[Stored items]
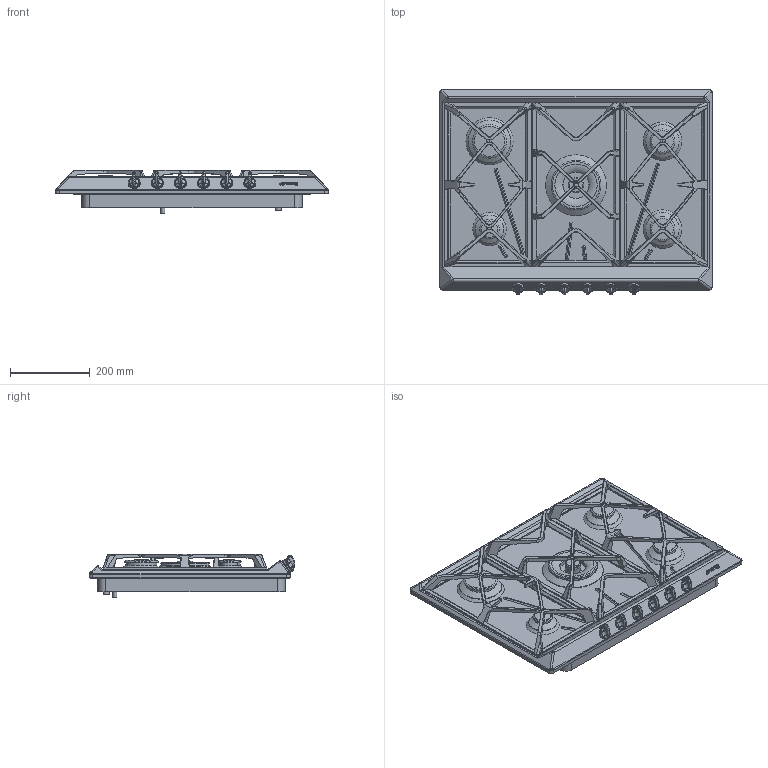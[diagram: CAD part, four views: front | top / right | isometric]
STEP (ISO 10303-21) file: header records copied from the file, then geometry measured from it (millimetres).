
FILE_DESCRIPTION(/* description */ (''),/* implementation_level */ '2;1');
FILE_NAME(/* name */ 'piano srv576gh5.stp',/* time_stamp */ '2019-03-04T11:36:42+01:00',/* author */ (''),/* organization */ (''),/* preprocessor_version */ 'ST-DEVELOPER v16',/* originating_system */ 'SIEMENS PLM Software NX 11.0',/* authorisation */ '');
FILE_SCHEMA (('AUTOMOTIVE_DESIGN { 1 0 10303 214 3 1 1 1 }'));
Length unit declared in the file: millimetre
Products named in the file (1): gobb21F4FF15tznt
Bounding box: 683 x 514.96 x 108.5 mm (x, y, z)
Volume: 15889111.6 mm3; surface area: 1886646.2 mm2
Topology: 32 solids, 32 shells, 1370 faces, 3396 edges, 2072 vertices
Faces by surface type: plane 465, cylinder 391, bspline 390, cone 41, sphere 40, torus 28, extrusion 15
Full cylindrical faces by diameter (mm): 3.988 x6, 10 x16, 14 x2, 20 x6, 22.3 x1, 26 x1, 38 x1, 42 x1, 43 x1, 55 x2, 56 x2, 65.6 x1, 70.5 x1, 77.5 x1, 78.5 x1, 83 x2, 106 x1, 111 x1, 113.5 x1, 122.009 x1, 152 x1
Entity records: 45636 total; most frequent: CARTESIAN_POINT 15396, ORIENTED_EDGE 6508, DIRECTION 5852, EDGE_CURVE 3254, AXIS2_PLACEMENT_3D 2256, VERTEX_POINT 2048, EDGE_LOOP 1516, ADVANCED_FACE 1370
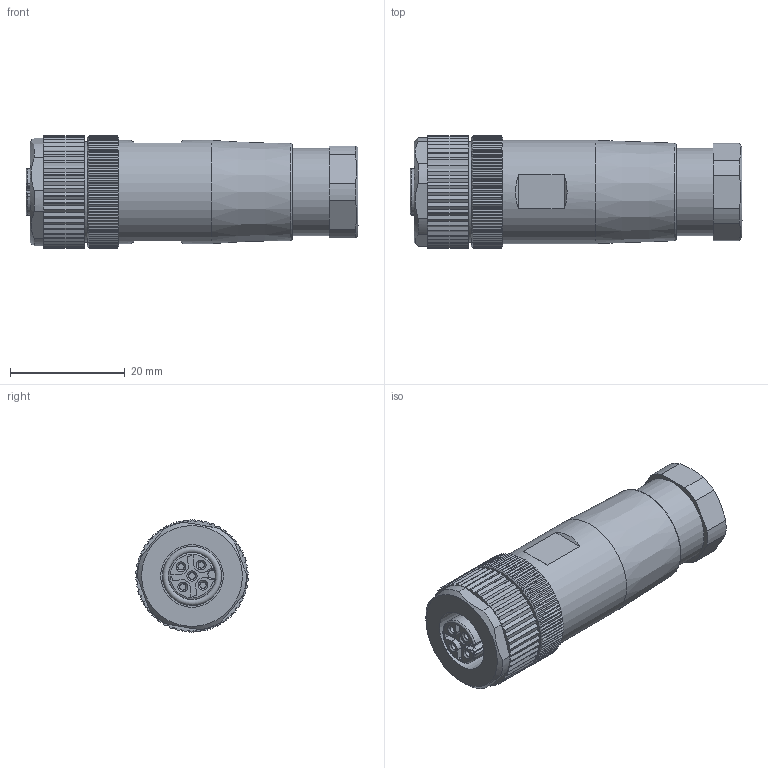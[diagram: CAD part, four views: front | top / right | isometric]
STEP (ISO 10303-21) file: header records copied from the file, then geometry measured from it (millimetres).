
FILE_DESCRIPTION(/* description */ (''),/* implementation_level */ '2;1');
FILE_NAME(/* name */ '99 0430 XXX 04 006_03_PG9.stp',/* time_stamp */ '2020-10-29T07:47:02+01:00',/* author */ (''),/* organization */ (''),/* preprocessor_version */ 'ST-DEVELOPER v16',/* originating_system */ 'SIEMENS PLM Software NX 11.0',/* authorisation */ '');
FILE_SCHEMA (('AUTOMOTIVE_DESIGN { 1 0 10303 214 3 1 1 1 }'));
Length unit declared in the file: millimetre
Products named in the file (1): rhen1EF43E57y9dv
Bounding box: 57.9 x 19.59 x 19.6 mm (x, y, z)
Volume: 13629.9 mm3; surface area: 4671.8 mm2
Topology: 1 solids, 1 shells, 578 faces, 1630 edges, 1073 vertices
Faces by surface type: plane 372, cylinder 188, cone 9, torus 6, sphere 3
Full cylindrical faces by diameter (mm): 1.1 x4, 1.2 x1, 1.65 x4, 9.5 x1, 10.917 x1, 15.2 x1, 16.2 x1, 17.6 x1, 18 x1, 19 x1
Entity records: 18673 total; most frequent: CARTESIAN_POINT 3940, ORIENTED_EDGE 3168, DIRECTION 2948, EDGE_CURVE 1584, VERTEX_POINT 1057, AXIS2_PLACEMENT_3D 1002, LINE 944, VECTOR 944

● **DESCRIPTION OF THE TASK**: Repeat the data exactly, without the pictures.

● **RESPONSE FOR THIS EXERCISE**:
[diagram: CAD part, four views: front | top / right | isometric]
STEP (ISO 10303-21) file: header records copied from the file, then geometry measured from it (millimetres).
FILE_DESCRIPTION(/* description */ (''),/* implementation_level */ '2;1');
FILE_NAME(/* name */ 'piano srv576gh5.stp',/* time_stamp */ '2019-03-04T11:36:42+01:00',/* author */ (''),/* organization */ (''),/* preprocessor_version */ 'ST-DEVELOPER v16',/* originating_system */ 'SIEMENS PLM Software NX 11.0',/* authorisation */ '');
FILE_SCHEMA (('AUTOMOTIVE_DESIGN { 1 0 10303 214 3 1 1 1 }'));
Length unit declared in the file: millimetre
Products named in the file (1): gobb21F4FF15tznt
Bounding box: 683 x 514.96 x 108.5 mm (x, y, z)
Volume: 15889111.6 mm3; surface area: 1886646.2 mm2
Topology: 32 solids, 32 shells, 1370 faces, 3396 edges, 2072 vertices
Faces by surface type: plane 465, cylinder 391, bspline 390, cone 41, sphere 40, torus 28, extrusion 15
Full cylindrical faces by diameter (mm): 3.988 x6, 10 x16, 14 x2, 20 x6, 22.3 x1, 26 x1, 38 x1, 42 x1, 43 x1, 55 x2, 56 x2, 65.6 x1, 70.5 x1, 77.5 x1, 78.5 x1, 83 x2, 106 x1, 111 x1, 113.5 x1, 122.009 x1, 152 x1
Entity records: 45636 total; most frequent: CARTESIAN_POINT 15396, ORIENTED_EDGE 6508, DIRECTION 5852, EDGE_CURVE 3254, AXIS2_PLACEMENT_3D 2256, VERTEX_POINT 2048, EDGE_LOOP 1516, ADVANCED_FACE 1370
[diagram: CAD part, four views: front | top / right | isometric]
STEP (ISO 10303-21) file: header records copied from the file, then geometry measured from it (millimetres).
FILE_DESCRIPTION(/* description */ (''),/* implementation_level */ '2;1');
FILE_NAME(/* name */ '99 0430 XXX 04 006_03_PG9.stp',/* time_stamp */ '2020-10-29T07:47:02+01:00',/* author */ (''),/* organization */ (''),/* preprocessor_version */ 'ST-DEVELOPER v16',/* originating_system */ 'SIEMENS PLM Software NX 11.0',/* authorisation */ '');
FILE_SCHEMA (('AUTOMOTIVE_DESIGN { 1 0 10303 214 3 1 1 1 }'));
Length unit declared in the file: millimetre
Products named in the file (1): rhen1EF43E57y9dv
Bounding box: 57.9 x 19.59 x 19.6 mm (x, y, z)
Volume: 13629.9 mm3; surface area: 4671.8 mm2
Topology: 1 solids, 1 shells, 578 faces, 1630 edges, 1073 vertices
Faces by surface type: plane 372, cylinder 188, cone 9, torus 6, sphere 3
Full cylindrical faces by diameter (mm): 1.1 x4, 1.2 x1, 1.65 x4, 9.5 x1, 10.917 x1, 15.2 x1, 16.2 x1, 17.6 x1, 18 x1, 19 x1
Entity records: 18673 total; most frequent: CARTESIAN_POINT 3940, ORIENTED_EDGE 3168, DIRECTION 2948, EDGE_CURVE 1584, VERTEX_POINT 1057, AXIS2_PLACEMENT_3D 1002, LINE 944, VECTOR 944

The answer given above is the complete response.